- Given records
[Start of section]

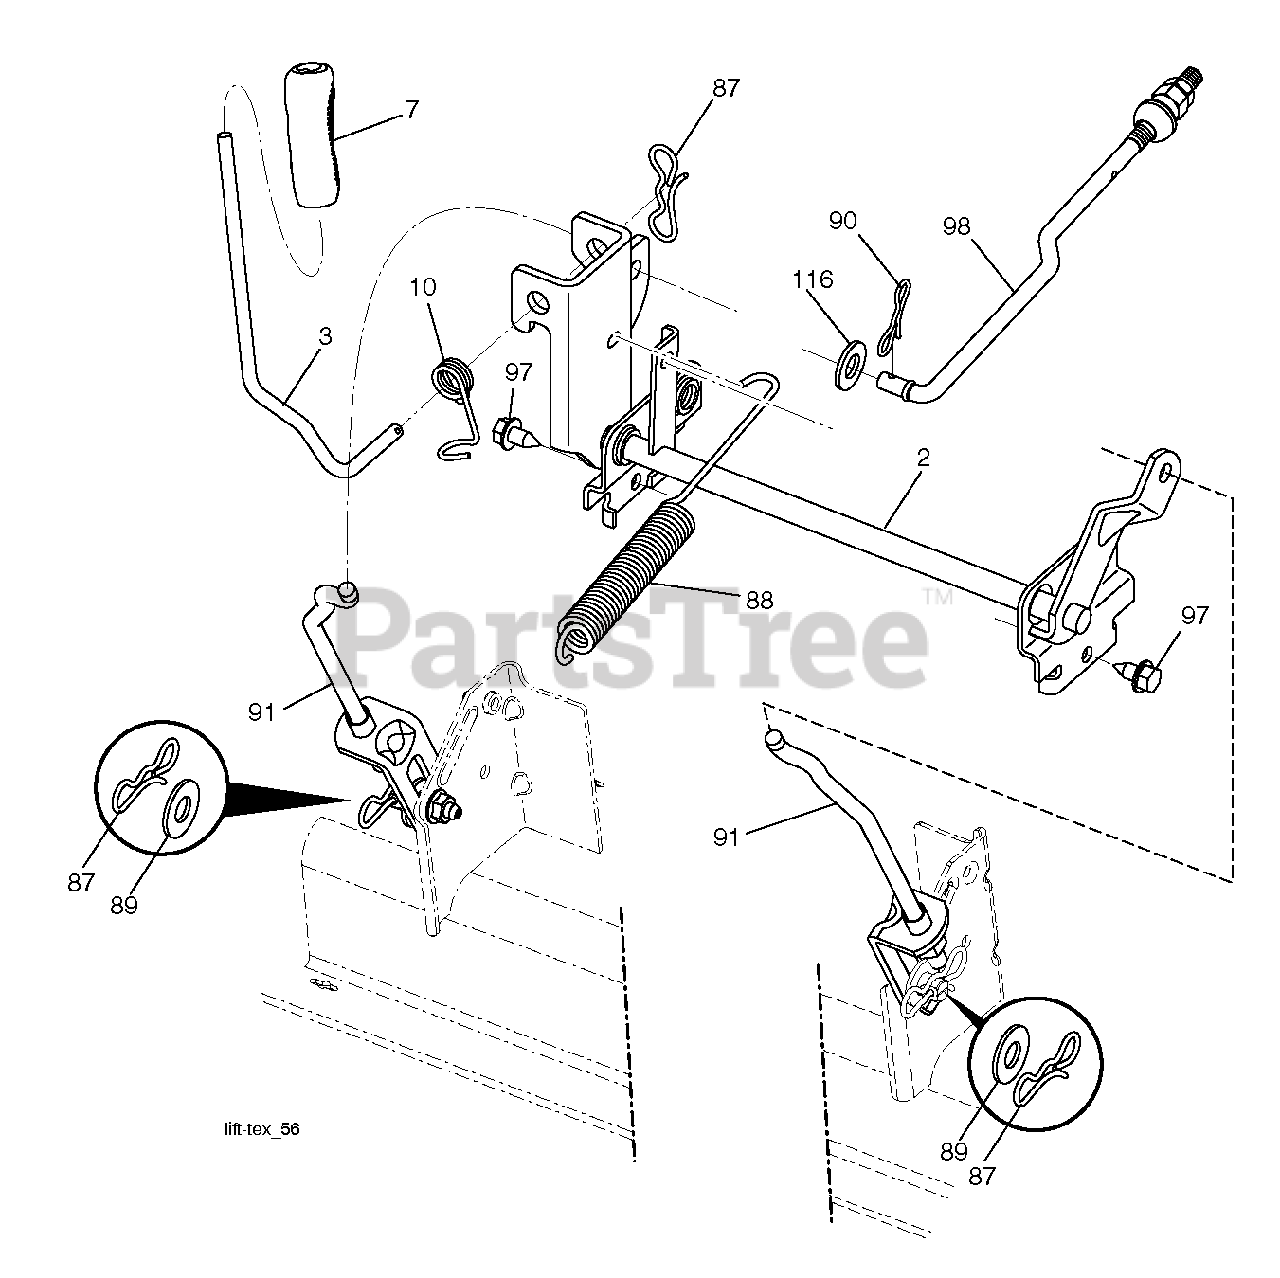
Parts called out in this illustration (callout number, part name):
2	SHAFT.ASM.CROSS.LIFT
3	LEVER.LIFT.HANDLE.LT
7	GRIP.HANDLE.LIFT.PVC.BLACK
10	SPRING.TORSION.LIFT.HANDLE
87	PIN.COTTER.7/16.BOW TI.
88	SPRING.LIFT.ASSIST
89	WASHER.CLEAR.ZINC
90	PIN.COTTER.5/16.BOW TI
91	LINK.LIFT.ASM.REAR.GT.
97	SCREW, 3/8-16X3/4
98	LINK.FRONT.MOWER.SUSP.ASM.BLK
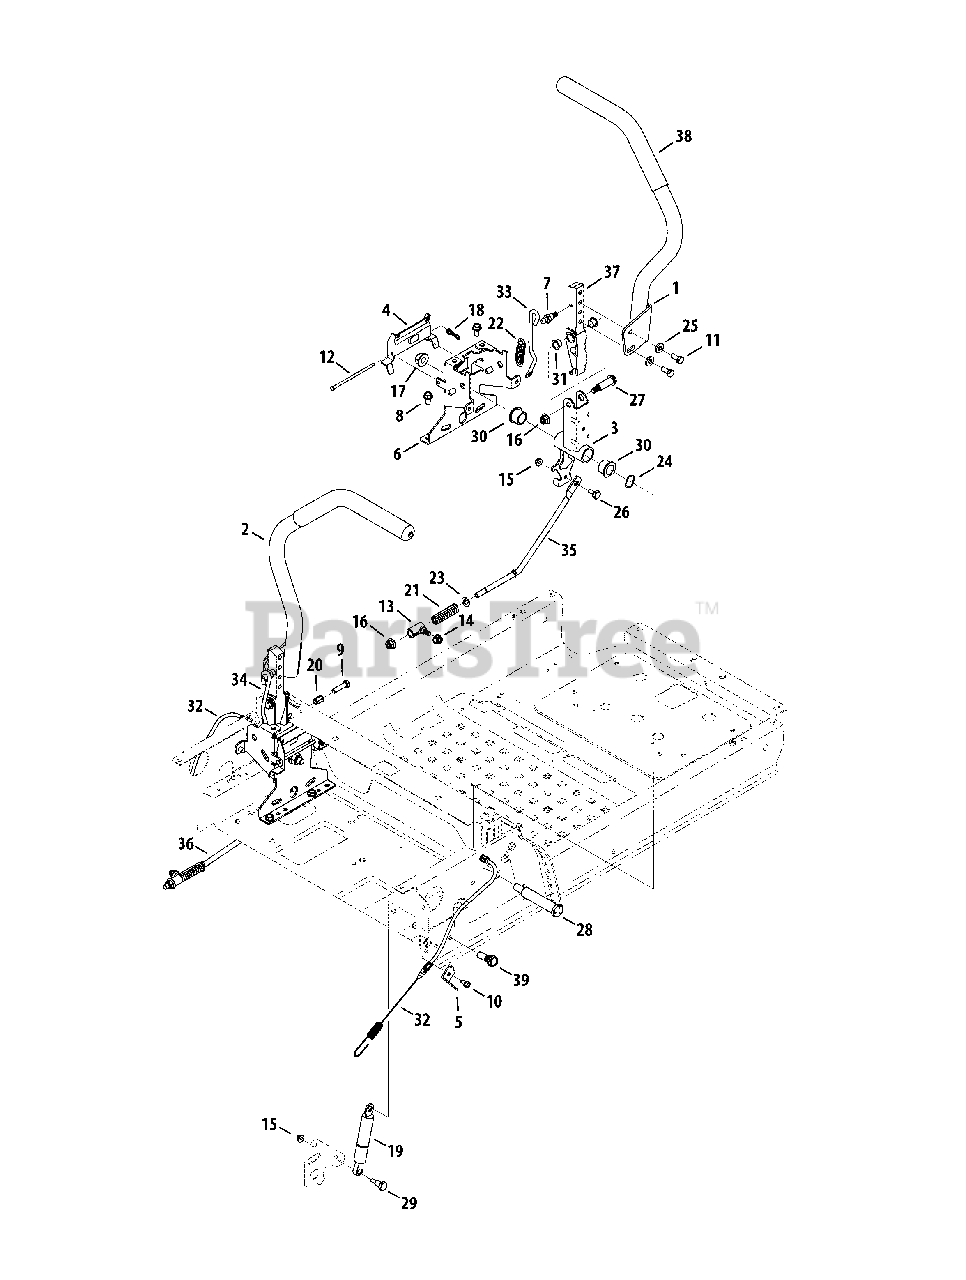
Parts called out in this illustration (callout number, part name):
1	ASSEMBLY, RH Lapbar Lever
2	ASSEMBLY, LH Lapbar Lever
3	BRACKET, Lapbar Pivot
4	ACTUATOR, Brake Lever
5	BRACKET, Brake Cable
6	BRACKET, Lapbar Pivot Support
7	SCREW, 5/16-18 X .48, Shoulder Ball
8	SCREW, 5/16-18 X .750, Hex Washer
9	SCREW, 5/16-18 X 1.25, Hex Cap
10	SCREW, Hex Head, 1/4-20 X 1/2
11	SCREW, 5/16-18 X .75, Hex Head Patch
12	PIN, .188 X 4.1
13	FERRULE, 3/8 ID X .420, Shoulder
14	NUT, 5/8-18 Hex Flange
15	NUT, Nylock Flanged, 1/4-20
16	NUT, 3/8-16, Flanged Lock, GR5, Zinc/Clear
17	NUT, 1/2-13, Flange Lock
18	PIN, 1/4-5/16, Bow Tie Cotter
19	DAMPENER, .87 OD X 7.06 LG
20	NUT, 5/16-18
21	SPRING, .45 X 3.215, Compression
22	SPRING, .56 X 2.31 X .105, Extension
23	WASHER, .385 X .62 X .063, Flat
24	WASHER, .785 X 1.0 X .012, Wave
25	WASHER, .344 X .750 X .120, Flat
26	SCREW, .375 DIA. X .181, Shoulder
27	SCREW, .498 DIA. X 1.296, Shoulder
28	SCREW, .75 X 3.25 X 1/2-13, Shoulder
29	SCREW, .395 DIA. X .56, Shoulder
30	BEARING, .75 X 1.00 X .73
31	BEARING, .500 X .627, Flange
32	CABLE, Park Prake
33	ROD, Lapbar Detent, RH
34	ROD, Lapbar Detent, LH
35	ROD, Hydro Control, RH
36	ROD, Hydro Control, LH
37	ARM, Lower
38	GRIP, Lapbar
39	SCREW, .395 DIA. X .83, Shoulder
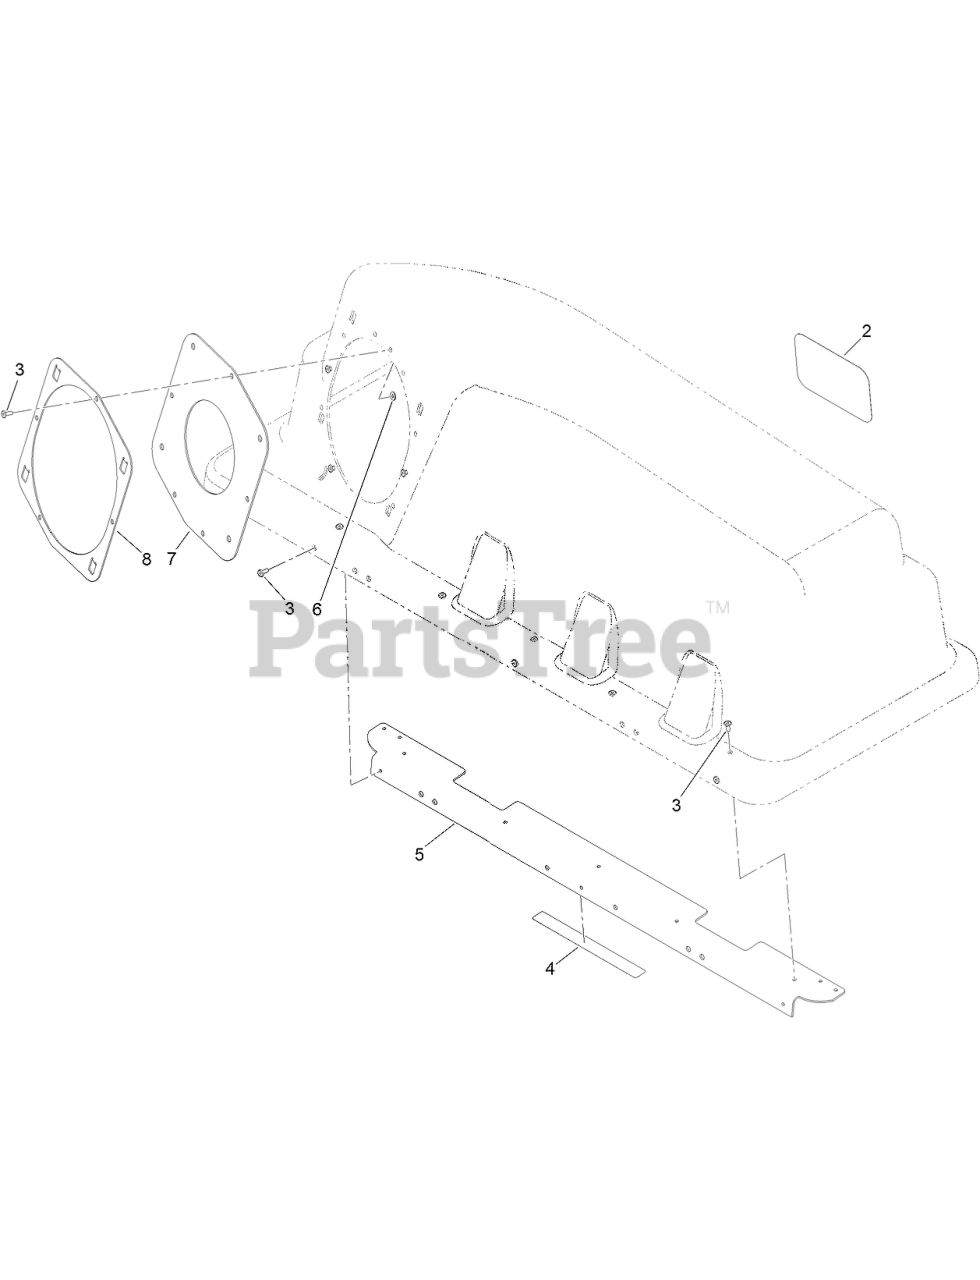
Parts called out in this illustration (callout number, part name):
2	DECAL
3	RIVET-BLIND
4	DECAL-CAUTION, BAGGER
5	STIFFENER-BAGGER, TOP
6	WASHER-FLAT
7	GASKET
8	RING-RETAINER

[End of section]

- Assignment
Please reproduce the entries from above exactly; images are not part of the copy.

- Exercise response
Parts called out in this illustration (callout number, part name):
2	SHAFT.ASM.CROSS.LIFT
3	LEVER.LIFT.HANDLE.LT
7	GRIP.HANDLE.LIFT.PVC.BLACK
10	SPRING.TORSION.LIFT.HANDLE
87	PIN.COTTER.7/16.BOW TI.
88	SPRING.LIFT.ASSIST
89	WASHER.CLEAR.ZINC
90	PIN.COTTER.5/16.BOW TI
91	LINK.LIFT.ASM.REAR.GT.
97	SCREW, 3/8-16X3/4
98	LINK.FRONT.MOWER.SUSP.ASM.BLK
Parts called out in this illustration (callout number, part name):
1	ASSEMBLY, RH Lapbar Lever
2	ASSEMBLY, LH Lapbar Lever
3	BRACKET, Lapbar Pivot
4	ACTUATOR, Brake Lever
5	BRACKET, Brake Cable
6	BRACKET, Lapbar Pivot Support
7	SCREW, 5/16-18 X .48, Shoulder Ball
8	SCREW, 5/16-18 X .750, Hex Washer
9	SCREW, 5/16-18 X 1.25, Hex Cap
10	SCREW, Hex Head, 1/4-20 X 1/2
11	SCREW, 5/16-18 X .75, Hex Head Patch
12	PIN, .188 X 4.1
13	FERRULE, 3/8 ID X .420, Shoulder
14	NUT, 5/8-18 Hex Flange
15	NUT, Nylock Flanged, 1/4-20
16	NUT, 3/8-16, Flanged Lock, GR5, Zinc/Clear
17	NUT, 1/2-13, Flange Lock
18	PIN, 1/4-5/16, Bow Tie Cotter
19	DAMPENER, .87 OD X 7.06 LG
20	NUT, 5/16-18
21	SPRING, .45 X 3.215, Compression
22	SPRING, .56 X 2.31 X .105, Extension
23	WASHER, .385 X .62 X .063, Flat
24	WASHER, .785 X 1.0 X .012, Wave
25	WASHER, .344 X .750 X .120, Flat
26	SCREW, .375 DIA. X .181, Shoulder
27	SCREW, .498 DIA. X 1.296, Shoulder
28	SCREW, .75 X 3.25 X 1/2-13, Shoulder
29	SCREW, .395 DIA. X .56, Shoulder
30	BEARING, .75 X 1.00 X .73
31	BEARING, .500 X .627, Flange
32	CABLE, Park Prake
33	ROD, Lapbar Detent, RH
34	ROD, Lapbar Detent, LH
35	ROD, Hydro Control, RH
36	ROD, Hydro Control, LH
37	ARM, Lower
38	GRIP, Lapbar
39	SCREW, .395 DIA. X .83, Shoulder
Parts called out in this illustration (callout number, part name):
2	DECAL
3	RIVET-BLIND
4	DECAL-CAUTION, BAGGER
5	STIFFENER-BAGGER, TOP
6	WASHER-FLAT
7	GASKET
8	RING-RETAINER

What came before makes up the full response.